Let $f: R \to R$ be a function. Define $x \in R$ and $n \in Z^+$ and
$\phi_n(x) = \sup \big\{ |f(s) - f(t)| : s,t \in (x-\frac{1}{n}, x + \frac{1}{n}) \big\} $
Prove that the sequence ${\phi_n}$ converges uniformly to $0$ if and only if $f$ is uniformly continuous.
Here is what I did:
Proof: ($\Rightarrow$) Suppose the sequence $\{ \phi_n \}$ converges uniformly to $0$. Then for $\epsilon > 0$, $n > N(\epsilon)$ imply
$| \phi_n(x)- 0| = \sup \big\{ |f(s) - f(t)| : s,t \in (x-\frac{1}{n}, x + \frac{1}{n}) \big\} < \epsilon $
So for all $ s,t \in (x-\frac{1}{n}, x + \frac{1}{n})$ , $ | s- t| < \delta < \frac{2}{n} $ then $|f(s) - f(t)| < \epsilon$. Hence, $f$ is uniformly continuous.

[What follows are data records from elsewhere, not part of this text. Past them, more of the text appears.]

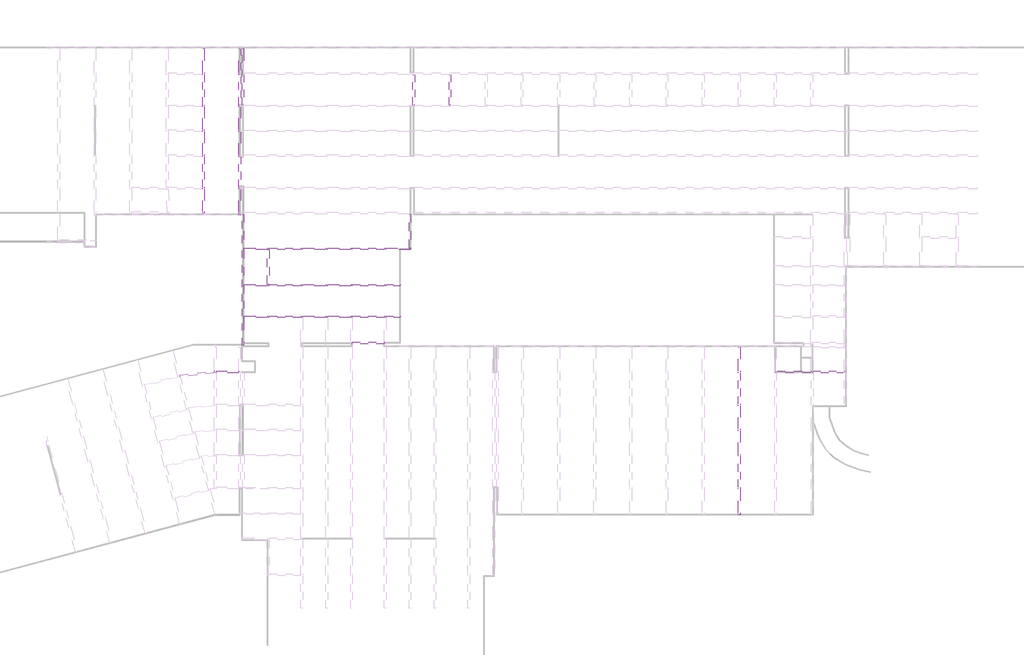
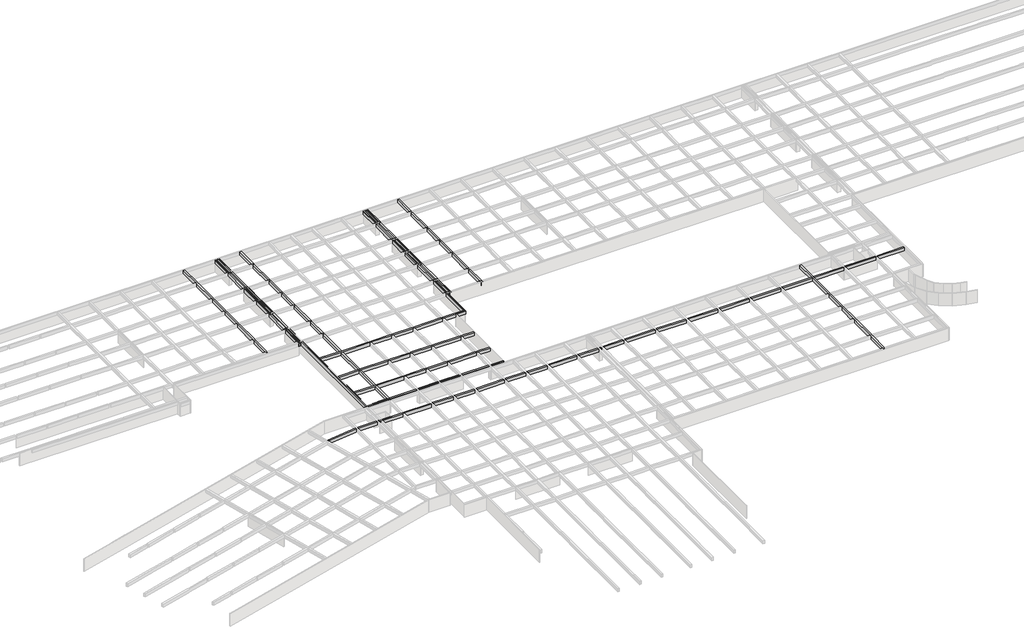
# One storey, part 10 of 14: 16 beams.
"""IFC4 building model written with IfcOpenShell, lengths in millimetres."""

from ifc_helpers import new_model, si_unit, frame, origin, place, context, project, spatial, polyline, outline, extrude, faceted_brep, element, save

model = new_model("IFC4")

# Units and contexts
model_context = context("Model", 3, world=origin())
ifc_project = project(units=[si_unit("LENGTHUNIT", "METRE", prefix="MILLI")], contexts=[model_context])

# Site, building, storey
site = spatial("IfcSite", under=ifc_project)
building = spatial("IfcBuilding", under=site)
storey = spatial("IfcBuildingStorey", under=building, Name="户型图", Elevation=0.0)

# Beams
placement = place(None, origin())
element("IfcBeam", 1, ObjectType="混凝土 - 矩形梁 : KL_beam", at=placement, inside=storey, context=model_context, shape_type="Brep", body=[
    faceted_brep([(4754.7716095, -153167.1629538, 3300.0), (5154.7716095, -153167.1629538, 3300.0), (5154.7716095, -152848.950757, 3300.0), (5154.7716095, -147899.284307, 3300.0), (5154.7716095, -147499.284307, 3300.0), (5154.7716095, -140920.0179086, 3300.0), (5154.7716095, -140520.0179086, 3300.0), (5154.7716095, -135526.4975491, 3300.0), (5154.7716095, -135126.4975491, 3300.0), (5154.7716095, -130180.0179086, 3300.0), (5154.7716095, -129780.0179086, 3300.0), (5154.7716095, -123258.950757, 3300.0), (5154.7716095, -122858.950757, 3300.0), (5154.7716095, -117558.950757, 3300.0), (4754.7716095, -117558.950757, 3300.0), (4754.7716095, -122858.950757, 3300.0), (4754.7716095, -123258.950757, 3300.0), (4754.7716095, -129780.0179086, 3300.0), (4754.7716095, -130180.0179086, 3300.0), (4754.7716095, -135126.4975491, 3300.0), (4754.7716095, -135526.4975491, 3300.0), (4754.7716095, -140520.0179086, 3300.0), (4754.7716095, -140920.0179086, 3300.0), (4754.7716095, -147499.284307, 3300.0), (4754.7716095, -147899.284307, 3300.0), (4754.7716095, -152848.950757, 3300.0), (4754.7716095, -153167.1629538, 2500.0), (4754.7716095, -117558.950757, 2500.0), (4754.7716095, -122858.950757, 2500.0), (4754.7716095, -123258.950757, 2500.0), (4754.7716095, -129780.0179086, 2500.0), (4754.7716095, -130180.0179086, 2500.0), (4754.7716095, -135126.4975491, 2500.0), (4754.7716095, -135526.4975491, 2500.0), (4754.7716095, -140520.0179086, 2500.0), (4754.7716095, -140920.0179086, 2500.0), (4754.7716095, -147499.284307, 2500.0), (4754.7716095, -147899.284307, 2500.0), (4754.7716095, -152848.950757, 2500.0), (5154.7716095, -153167.1629538, 2500.0), (5154.7716095, -117558.950757, 2500.0), (5154.7716095, -122858.950757, 2500.0), (5154.7716095, -123258.950757, 2500.0), (5154.7716095, -129780.0179086, 2500.0), (5154.7716095, -130180.0179086, 2500.0), (5154.7716095, -135126.4975491, 2500.0), (5154.7716095, -135526.4975491, 2500.0), (5154.7716095, -140520.0179086, 2500.0), (5154.7716095, -140920.0179086, 2500.0), (5154.7716095, -147499.284307, 2500.0), (5154.7716095, -147899.284307, 2500.0), (5154.7716095, -152848.950757, 2500.0)], [[[0, 1, 2, 3, 4, 5, 6, 7, 8, 9, 10, 11, 12, 13, 14, 15, 16, 17, 18, 19, 20, 21, 22, 23, 24, 25]], [[26, 0, 25, 24, 23, 22, 21, 20, 19, 18, 17, 16, 15, 14, 27, 28, 29, 30, 31, 32, 33, 34, 35, 36, 37, 38]], [[39, 26, 38, 37, 36, 35, 34, 33, 32, 31, 30, 29, 28, 27, 40, 41, 42, 43, 44, 45, 46, 47, 48, 49, 50, 51]], [[1, 39, 51, 50, 49, 48, 47, 46, 45, 44, 43, 42, 41, 40, 13, 12, 11, 10, 9, 8, 7, 6, 5, 4, 3, 2]], [[1, 0, 26, 39]], [[14, 13, 40, 27]]]),
])
element("IfcBeam", 2, ObjectType="混凝土 - 矩形梁 : KL_beam", at=placement, inside=storey, context=model_context, shape_type="Brep", body=[
    faceted_brep([(12577.2949044, -153567.1629538, 3300.0), (12977.2949044, -153567.1629538, 3300.0), (12977.2949044, -153299.284307, 3300.0), (12977.2949044, -152899.284307, 3300.0), (12977.2949044, -147899.284307, 3300.0), (12977.2949044, -147499.284307, 3300.0), (12977.2949044, -140920.0179086, 3300.0), (12977.2949044, -140520.0179086, 3300.0), (12977.2949044, -135580.0179086, 3300.0), (12977.2949044, -135180.0179086, 3300.0), (12977.2949044, -130180.0179086, 3300.0), (12977.2949044, -129780.0179086, 3300.0), (12977.2949044, -117558.950757, 3300.0), (12577.2949044, -117558.950757, 3300.0), (12577.2949044, -122858.950757, 3300.0), (12577.2949044, -123258.950757, 3300.0), (12577.2949044, -129780.0179086, 3300.0), (12577.2949044, -130180.0179086, 3300.0), (12577.2949044, -135126.4975491, 3300.0), (12577.2949044, -135526.4975491, 3300.0), (12577.2949044, -140520.0179086, 3300.0), (12577.2949044, -140920.0179086, 3300.0), (12577.2949044, -147499.284307, 3300.0), (12577.2949044, -147899.284307, 3300.0), (12577.2949044, -152848.950757, 3300.0), (12577.2949044, -153248.950757, 3300.0), (12577.2949044, -153567.1629538, 2500.0), (12577.2949044, -117558.950757, 2500.0), (12577.2949044, -122858.950757, 2500.0), (12577.2949044, -123258.950757, 2500.0), (12577.2949044, -129780.0179086, 2500.0), (12577.2949044, -130180.0179086, 2500.0), (12577.2949044, -135126.4975491, 2500.0), (12577.2949044, -135526.4975491, 2500.0), (12577.2949044, -140520.0179086, 2500.0), (12577.2949044, -140920.0179086, 2500.0), (12577.2949044, -147499.284307, 2500.0), (12577.2949044, -147899.284307, 2500.0), (12577.2949044, -152848.950757, 2500.0), (12577.2949044, -153248.950757, 2500.0), (12977.2949044, -153567.1629538, 2500.0), (12977.2949044, -117558.950757, 2500.0), (12977.2949044, -129780.0179086, 2500.0), (12977.2949044, -130180.0179086, 2500.0), (12977.2949044, -135180.0179086, 2500.0), (12977.2949044, -135580.0179086, 2500.0), (12977.2949044, -140520.0179086, 2500.0), (12977.2949044, -140920.0179086, 2500.0), (12977.2949044, -147499.284307, 2500.0), (12977.2949044, -147899.284307, 2500.0), (12977.2949044, -152899.284307, 2500.0), (12977.2949044, -153299.284307, 2500.0)], [[[0, 1, 2, 3, 4, 5, 6, 7, 8, 9, 10, 11, 12, 13, 14, 15, 16, 17, 18, 19, 20, 21, 22, 23, 24, 25]], [[26, 0, 25, 24, 23, 22, 21, 20, 19, 18, 17, 16, 15, 14, 13, 27, 28, 29, 30, 31, 32, 33, 34, 35, 36, 37, 38, 39]], [[40, 26, 39, 38, 37, 36, 35, 34, 33, 32, 31, 30, 29, 28, 27, 41, 42, 43, 44, 45, 46, 47, 48, 49, 50, 51]], [[1, 40, 51, 50, 49, 48, 47, 46, 45, 44, 43, 42, 41, 12, 11, 10, 9, 8, 7, 6, 5, 4, 3, 2]], [[1, 0, 26, 40]], [[13, 12, 41, 27]]]),
])
element("IfcBeam", 3, ObjectType="混凝土 - 矩形梁 : KL_beam", at=placement, inside=storey, context=model_context, shape_type="Brep", body=[
    faceted_brep([(49716.5330009, -161020.767119, 3300.0), (49716.5330009, -160620.767119, 3300.0), (49316.5330009, -160620.767119, 3300.0), (44331.9066405, -160620.767119, 3300.0), (43931.9066405, -160620.767119, 3300.0), (37081.5607309, -160620.767119, 3300.0), (36681.5607309, -160620.767119, 3300.0), (31751.9066405, -160620.767119, 3300.0), (31351.9066405, -160620.767119, 3300.0), (26321.5607309, -160620.767119, 3300.0), (25921.5607309, -160620.767119, 3300.0), (19160.0865653, -160620.767119, 3300.0), (18760.0865653, -160620.767119, 3300.0), (13677.2949044, -160620.767119, 3300.0), (13677.2949044, -161020.767119, 3300.0), (18760.0865653, -161020.767119, 3300.0), (19160.0865653, -161020.767119, 3300.0), (25921.5607309, -161020.767119, 3300.0), (26321.5607309, -161020.767119, 3300.0), (31351.9066405, -161020.767119, 3300.0), (31751.9066405, -161020.767119, 3300.0), (36681.5607309, -161020.767119, 3300.0), (37081.5607309, -161020.767119, 3300.0), (43931.9066405, -161020.767119, 3300.0), (44331.9066405, -161020.767119, 3300.0), (49716.5330009, -161020.767119, 2500.0), (13677.2949044, -161020.767119, 2500.0), (18760.0865653, -161020.767119, 2500.0), (19160.0865653, -161020.767119, 2500.0), (25921.5607309, -161020.767119, 2500.0), (26321.5607309, -161020.767119, 2500.0), (31351.9066405, -161020.767119, 2500.0), (31751.9066405, -161020.767119, 2500.0), (36681.5607309, -161020.767119, 2500.0), (37081.5607309, -161020.767119, 2500.0), (43931.9066405, -161020.767119, 2500.0), (44331.9066405, -161020.767119, 2500.0), (49716.5330009, -160620.767119, 2500.0), (13677.2949044, -160620.767119, 2500.0), (18760.0865653, -160620.767119, 2500.0), (19160.0865653, -160620.767119, 2500.0), (25921.5607309, -160620.767119, 2500.0), (26321.5607309, -160620.767119, 2500.0), (31351.9066405, -160620.767119, 2500.0), (31751.9066405, -160620.767119, 2500.0), (36681.5607309, -160620.767119, 2500.0), (37081.5607309, -160620.767119, 2500.0), (43931.9066405, -160620.767119, 2500.0), (44331.9066405, -160620.767119, 2500.0), (49316.5330009, -160620.767119, 2500.0)], [[[0, 1, 2, 3, 4, 5, 6, 7, 8, 9, 10, 11, 12, 13, 14, 15, 16, 17, 18, 19, 20, 21, 22, 23, 24]], [[25, 0, 24, 23, 22, 21, 20, 19, 18, 17, 16, 15, 14, 26, 27, 28, 29, 30, 31, 32, 33, 34, 35, 36]], [[37, 25, 36, 35, 34, 33, 32, 31, 30, 29, 28, 27, 26, 38, 39, 40, 41, 42, 43, 44, 45, 46, 47, 48, 49]], [[1, 37, 49, 48, 47, 46, 45, 44, 43, 42, 41, 40, 39, 38, 13, 12, 11, 10, 9, 8, 7, 6, 5, 4, 3, 2]], [[14, 13, 38, 26]], [[1, 0, 25, 37]]]),
])
element("IfcBeam", 4, ObjectType="混凝土 - 矩形梁 : KL_beam", at=placement, inside=storey, context=model_context, shape_type="Brep", body=[
    faceted_brep([(47376.4139527, -168501.0793872, 3300.0), (47376.4139527, -168901.0793872, 3300.0), (47376.4139527, -168901.0793872, 2500.0), (47376.4139527, -168501.0793872, 2500.0), (44331.9066405, -168501.0793872, 3300.0), (43931.9066405, -168501.0793872, 3300.0), (37081.5607309, -168501.0793872, 3300.0), (36681.5607309, -168501.0793872, 3300.0), (31751.9066405, -168501.0793872, 3300.0), (31351.9066405, -168501.0793872, 3300.0), (26321.5607309, -168501.0793872, 3300.0), (25921.5607309, -168501.0793872, 3300.0), (19160.0865653, -168501.0793872, 3300.0), (18760.0865653, -168501.0793872, 3300.0), (13677.2949044, -168501.0793872, 3300.0), (13677.2949044, -168901.0793872, 3300.0), (18760.0865653, -168901.0793872, 3300.0), (19160.0865653, -168901.0793872, 3300.0), (25921.5607309, -168901.0793872, 3300.0), (26321.5607309, -168901.0793872, 3300.0), (31351.9066405, -168901.0793872, 3300.0), (31751.9066405, -168901.0793872, 3300.0), (36681.5607309, -168901.0793872, 3300.0), (37081.5607309, -168901.0793872, 3300.0), (43931.9066405, -168901.0793872, 3300.0), (44331.9066405, -168901.0793872, 3300.0), (13677.2949044, -168901.0793872, 2500.0), (18760.0865653, -168901.0793872, 2500.0), (19160.0865653, -168901.0793872, 2500.0), (25921.5607309, -168901.0793872, 2500.0), (26321.5607309, -168901.0793872, 2500.0), (31351.9066405, -168901.0793872, 2500.0), (31751.9066405, -168901.0793872, 2500.0), (36681.5607309, -168901.0793872, 2500.0), (37081.5607309, -168901.0793872, 2500.0), (43931.9066405, -168901.0793872, 2500.0), (44331.9066405, -168901.0793872, 2500.0), (13677.2949044, -168501.0793872, 2500.0), (18760.0865653, -168501.0793872, 2500.0), (19160.0865653, -168501.0793872, 2500.0), (25921.5607309, -168501.0793872, 2500.0), (26321.5607309, -168501.0793872, 2500.0), (31351.9066405, -168501.0793872, 2500.0), (31751.9066405, -168501.0793872, 2500.0), (36681.5607309, -168501.0793872, 2500.0), (37081.5607309, -168501.0793872, 2500.0), (43931.9066405, -168501.0793872, 2500.0), (44331.9066405, -168501.0793872, 2500.0)], [[[0, 1, 2, 3]], [[1, 0, 4, 5, 6, 7, 8, 9, 10, 11, 12, 13, 14, 15, 16, 17, 18, 19, 20, 21, 22, 23, 24, 25]], [[2, 1, 25, 24, 23, 22, 21, 20, 19, 18, 17, 16, 15, 26, 27, 28, 29, 30, 31, 32, 33, 34, 35, 36]], [[3, 2, 36, 35, 34, 33, 32, 31, 30, 29, 28, 27, 26, 37, 38, 39, 40, 41, 42, 43, 44, 45, 46, 47]], [[0, 3, 47, 46, 45, 44, 43, 42, 41, 40, 39, 38, 37, 14, 13, 12, 11, 10, 9, 8, 7, 6, 5, 4]], [[15, 14, 37, 26]]]),
])
element("IfcBeam", 5, ObjectType="混凝土 - 矩形梁 : KL_beam", at=placement, inside=storey, context=model_context, shape_type="Brep", body=[
    faceted_brep([(47376.4139526, -175317.1358924, 3300.0), (47376.4139526, -175717.1358924, 3300.0), (47376.4139526, -175717.1358924, 2500.0), (47376.4139526, -175317.1358924, 2500.0), (44331.9066405, -175317.1358924, 3300.0), (43931.9066405, -175317.1358924, 3300.0), (37081.5607309, -175317.1358924, 3300.0), (36681.5607309, -175317.1358924, 3300.0), (31751.9066405, -175317.1358924, 3300.0), (31351.9066405, -175317.1358924, 3300.0), (26321.5607309, -175317.1358924, 3300.0), (25921.5607309, -175317.1358924, 3300.0), (19160.0865653, -175317.1358924, 3300.0), (18760.0865653, -175317.1358924, 3300.0), (13677.2949044, -175317.1358924, 3300.0), (13677.2949044, -175717.1358924, 3300.0), (18760.0865653, -175717.1358924, 3300.0), (19160.0865653, -175717.1358924, 3300.0), (25921.5607309, -175717.1358924, 3300.0), (26321.5607309, -175717.1358924, 3300.0), (31351.9066405, -175717.1358924, 3300.0), (31751.9066405, -175717.1358924, 3300.0), (36681.5607309, -175717.1358924, 3300.0), (37081.5607309, -175717.1358924, 3300.0), (43931.9066405, -175717.1358924, 3300.0), (44331.9066405, -175717.1358924, 3300.0), (13677.2949044, -175717.1358924, 2500.0), (18760.0865653, -175717.1358924, 2500.0), (19160.0865653, -175717.1358924, 2500.0), (25921.5607309, -175717.1358924, 2500.0), (26321.5607309, -175717.1358924, 2500.0), (31351.9066405, -175717.1358924, 2500.0), (31751.9066405, -175717.1358924, 2500.0), (36681.5607309, -175717.1358924, 2500.0), (37081.5607309, -175717.1358924, 2500.0), (43931.9066405, -175717.1358924, 2500.0), (44331.9066405, -175717.1358924, 2500.0), (13677.2949044, -175317.1358924, 2500.0), (18760.0865653, -175317.1358924, 2500.0), (19160.0865653, -175317.1358924, 2500.0), (25921.5607309, -175317.1358924, 2500.0), (26321.5607309, -175317.1358924, 2500.0), (31351.9066405, -175317.1358924, 2500.0), (31751.9066405, -175317.1358924, 2500.0), (36681.5607309, -175317.1358924, 2500.0), (37081.5607309, -175317.1358924, 2500.0), (43931.9066405, -175317.1358924, 2500.0), (44331.9066405, -175317.1358924, 2500.0)], [[[0, 1, 2, 3]], [[1, 0, 4, 5, 6, 7, 8, 9, 10, 11, 12, 13, 14, 15, 16, 17, 18, 19, 20, 21, 22, 23, 24, 25]], [[2, 1, 25, 24, 23, 22, 21, 20, 19, 18, 17, 16, 15, 26, 27, 28, 29, 30, 31, 32, 33, 34, 35, 36]], [[3, 2, 36, 35, 34, 33, 32, 31, 30, 29, 28, 27, 26, 37, 38, 39, 40, 41, 42, 43, 44, 45, 46, 47]], [[0, 3, 47, 46, 45, 44, 43, 42, 41, 40, 39, 38, 37, 14, 13, 12, 11, 10, 9, 8, 7, 6, 5, 4]], [[15, 14, 37, 26]]]),
])
element("IfcBeam", 6, ObjectType="混凝土 - 矩形梁 : KL_beam", at=placement, inside=storey, context=model_context, shape_type="Brep", body=[
    faceted_brep([(13277.2949044, -129780.0179086, 3300.0), (13677.2949044, -129780.0179086, 3300.0), (13677.2949044, -123197.8127788, 3300.0), (13677.2949044, -122797.8127788, 3300.0), (13677.2949044, -117558.950757, 3300.0), (13277.2949044, -117558.950757, 3300.0), (13277.2949044, -129780.0179086, 2500.0), (13277.2949044, -117558.950757, 2500.0), (13677.2949044, -129780.0179086, 2500.0), (13677.2949044, -117558.950757, 2500.0), (13677.2949044, -122797.8127788, 2500.0), (13677.2949044, -123197.8127788, 2500.0)], [[[0, 1, 2, 3, 4, 5]], [[6, 0, 5, 7]], [[8, 6, 7, 9, 10, 11]], [[1, 8, 11, 10, 9, 4, 3, 2]], [[1, 0, 6, 8]], [[5, 4, 9, 7]]]),
    faceted_brep([(13677.2949044, -152899.284307, 3300.0), (13277.2949044, -152899.284307, 3300.0), (13277.2949044, -152899.284307, 2500.0), (13677.2949044, -152899.284307, 2500.0), (13277.2949044, -147899.284307, 3300.0), (13677.2949044, -147899.284307, 3300.0), (13677.2949044, -147899.284307, 2500.0), (13277.2949044, -147899.284307, 2500.0)], [[[0, 1, 2, 3]], [[4, 5, 6, 7]], [[1, 0, 5, 4]], [[2, 1, 4, 7]], [[3, 2, 7, 6]], [[0, 3, 6, 5]]]),
    faceted_brep([(13277.2949044, -130180.0179086, 3300.0), (13677.2949044, -130180.0179086, 3300.0), (13677.2949044, -130180.0179086, 2500.0), (13277.2949044, -130180.0179086, 2500.0), (13677.2949044, -135180.0179086, 3300.0), (13277.2949044, -135180.0179086, 3300.0), (13277.2949044, -135180.0179086, 2500.0), (13677.2949044, -135180.0179086, 2500.0)], [[[0, 1, 2, 3]], [[4, 5, 6, 7]], [[1, 0, 5, 4]], [[0, 3, 6, 5]], [[3, 2, 7, 6]], [[2, 1, 4, 7]]]),
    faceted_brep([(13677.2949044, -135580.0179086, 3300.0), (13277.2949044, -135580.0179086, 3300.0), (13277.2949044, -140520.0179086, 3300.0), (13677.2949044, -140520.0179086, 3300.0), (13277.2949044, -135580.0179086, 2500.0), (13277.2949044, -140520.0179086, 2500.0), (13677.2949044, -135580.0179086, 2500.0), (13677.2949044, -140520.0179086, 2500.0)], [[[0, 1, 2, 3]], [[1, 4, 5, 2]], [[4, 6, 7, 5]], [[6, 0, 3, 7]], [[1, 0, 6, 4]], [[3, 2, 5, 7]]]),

($\Leftarrow$)Now suppose that $f$ is uniformly continuous. Then for each $\epsilon > 0$, there exist a $\delta > 0$ such that for all $s ,t \in (x-\frac{1}{n}, x + \frac{1}{n}) $ we have $|f(s) - f(t)| < \epsilon$. Then
$| \phi_n(x)| = \sup \big\{ |f(s) - f(t)| : s,t \in (x-\frac{1}{n}, x + \frac{1}{n}) \big\} < \epsilon $.
Thus $\phi_n$ converges to $0$ uniformly.
Can you point out if there is a mistake and help me to fix it if that's possible. Thank you!
The proof of the forward implication requires some modification.
Since $\phi_n \to 0$ uniformly, for any $\epsilon >0$ there exists $N_\epsilon$ such that if $n \geqslant N_\epsilon$ then for every $x \in \mathbb{R}$ we have $\phi_n(x) < \epsilon$. This implies that for any given $x$, if $s,t \in (x - 1/N_\epsilon, x + 1/N_\epsilon)$ then $|f(s) - f(t)| \leqslant \phi_{N_\epsilon}(x) < \epsilon$.
Consider any $s,t \in \mathbb{R}$. Take $x = s$ and $\delta_\epsilon = 1/N_\epsilon$. Then if $|t-s| < \delta_\epsilon$, we have both $s,t \in (s - 1/N_\epsilon, s + 1/N_\epsilon)$ and $|f(s) - f(t)| < \epsilon$.
Based on what was used for this argument, you should be able to fix your proof of the reverse implication.